Work to be completed ->
All entries are to be given again verbatim.

The records ->
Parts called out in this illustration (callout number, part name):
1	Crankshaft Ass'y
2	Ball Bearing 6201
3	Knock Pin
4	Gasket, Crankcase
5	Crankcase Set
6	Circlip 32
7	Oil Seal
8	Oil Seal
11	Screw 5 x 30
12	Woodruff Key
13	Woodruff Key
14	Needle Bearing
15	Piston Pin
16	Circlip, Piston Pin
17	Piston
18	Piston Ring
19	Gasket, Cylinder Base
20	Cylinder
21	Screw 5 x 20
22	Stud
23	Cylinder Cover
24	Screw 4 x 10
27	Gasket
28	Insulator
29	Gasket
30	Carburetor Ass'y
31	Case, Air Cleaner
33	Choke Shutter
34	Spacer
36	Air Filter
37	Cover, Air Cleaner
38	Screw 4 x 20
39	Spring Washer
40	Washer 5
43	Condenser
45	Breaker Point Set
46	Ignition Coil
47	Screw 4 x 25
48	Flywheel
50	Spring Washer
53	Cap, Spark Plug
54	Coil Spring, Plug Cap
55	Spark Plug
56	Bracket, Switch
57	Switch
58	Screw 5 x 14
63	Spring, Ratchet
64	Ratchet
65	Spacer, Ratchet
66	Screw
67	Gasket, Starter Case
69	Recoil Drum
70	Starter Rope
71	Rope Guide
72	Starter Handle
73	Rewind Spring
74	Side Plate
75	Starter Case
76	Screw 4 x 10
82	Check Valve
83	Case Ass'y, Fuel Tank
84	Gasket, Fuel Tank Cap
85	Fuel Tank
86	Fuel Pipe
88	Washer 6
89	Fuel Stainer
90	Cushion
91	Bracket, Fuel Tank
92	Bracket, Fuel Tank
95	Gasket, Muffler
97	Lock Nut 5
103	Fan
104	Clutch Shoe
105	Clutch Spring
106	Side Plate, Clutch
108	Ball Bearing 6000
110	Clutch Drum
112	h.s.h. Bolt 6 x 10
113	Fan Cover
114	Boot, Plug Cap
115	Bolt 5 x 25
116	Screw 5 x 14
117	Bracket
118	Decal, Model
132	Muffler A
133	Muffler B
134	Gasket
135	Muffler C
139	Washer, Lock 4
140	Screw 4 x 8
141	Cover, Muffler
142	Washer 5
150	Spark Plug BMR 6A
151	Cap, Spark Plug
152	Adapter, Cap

Result for this task ->
Parts called out in this illustration (callout number, part name):
1	Crankshaft Ass'y
2	Ball Bearing 6201
3	Knock Pin
4	Gasket, Crankcase
5	Crankcase Set
6	Circlip 32
7	Oil Seal
8	Oil Seal
11	Screw 5 x 30
12	Woodruff Key
13	Woodruff Key
14	Needle Bearing
15	Piston Pin
16	Circlip, Piston Pin
17	Piston
18	Piston Ring
19	Gasket, Cylinder Base
20	Cylinder
21	Screw 5 x 20
22	Stud
23	Cylinder Cover
24	Screw 4 x 10
27	Gasket
28	Insulator
29	Gasket
30	Carburetor Ass'y
31	Case, Air Cleaner
33	Choke Shutter
34	Spacer
36	Air Filter
37	Cover, Air Cleaner
38	Screw 4 x 20
39	Spring Washer
40	Washer 5
43	Condenser
45	Breaker Point Set
46	Ignition Coil
47	Screw 4 x 25
48	Flywheel
50	Spring Washer
53	Cap, Spark Plug
54	Coil Spring, Plug Cap
55	Spark Plug
56	Bracket, Switch
57	Switch
58	Screw 5 x 14
63	Spring, Ratchet
64	Ratchet
65	Spacer, Ratchet
66	Screw
67	Gasket, Starter Case
69	Recoil Drum
70	Starter Rope
71	Rope Guide
72	Starter Handle
73	Rewind Spring
74	Side Plate
75	Starter Case
76	Screw 4 x 10
82	Check Valve
83	Case Ass'y, Fuel Tank
84	Gasket, Fuel Tank Cap
85	Fuel Tank
86	Fuel Pipe
88	Washer 6
89	Fuel Stainer
90	Cushion
91	Bracket, Fuel Tank
92	Bracket, Fuel Tank
95	Gasket, Muffler
97	Lock Nut 5
103	Fan
104	Clutch Shoe
105	Clutch Spring
106	Side Plate, Clutch
108	Ball Bearing 6000
110	Clutch Drum
112	h.s.h. Bolt 6 x 10
113	Fan Cover
114	Boot, Plug Cap
115	Bolt 5 x 25
116	Screw 5 x 14
117	Bracket
118	Decal, Model
132	Muffler A
133	Muffler B
134	Gasket
135	Muffler C
139	Washer, Lock 4
140	Screw 4 x 8
141	Cover, Muffler
142	Washer 5
150	Spark Plug BMR 6A
151	Cap, Spark Plug
152	Adapter, Cap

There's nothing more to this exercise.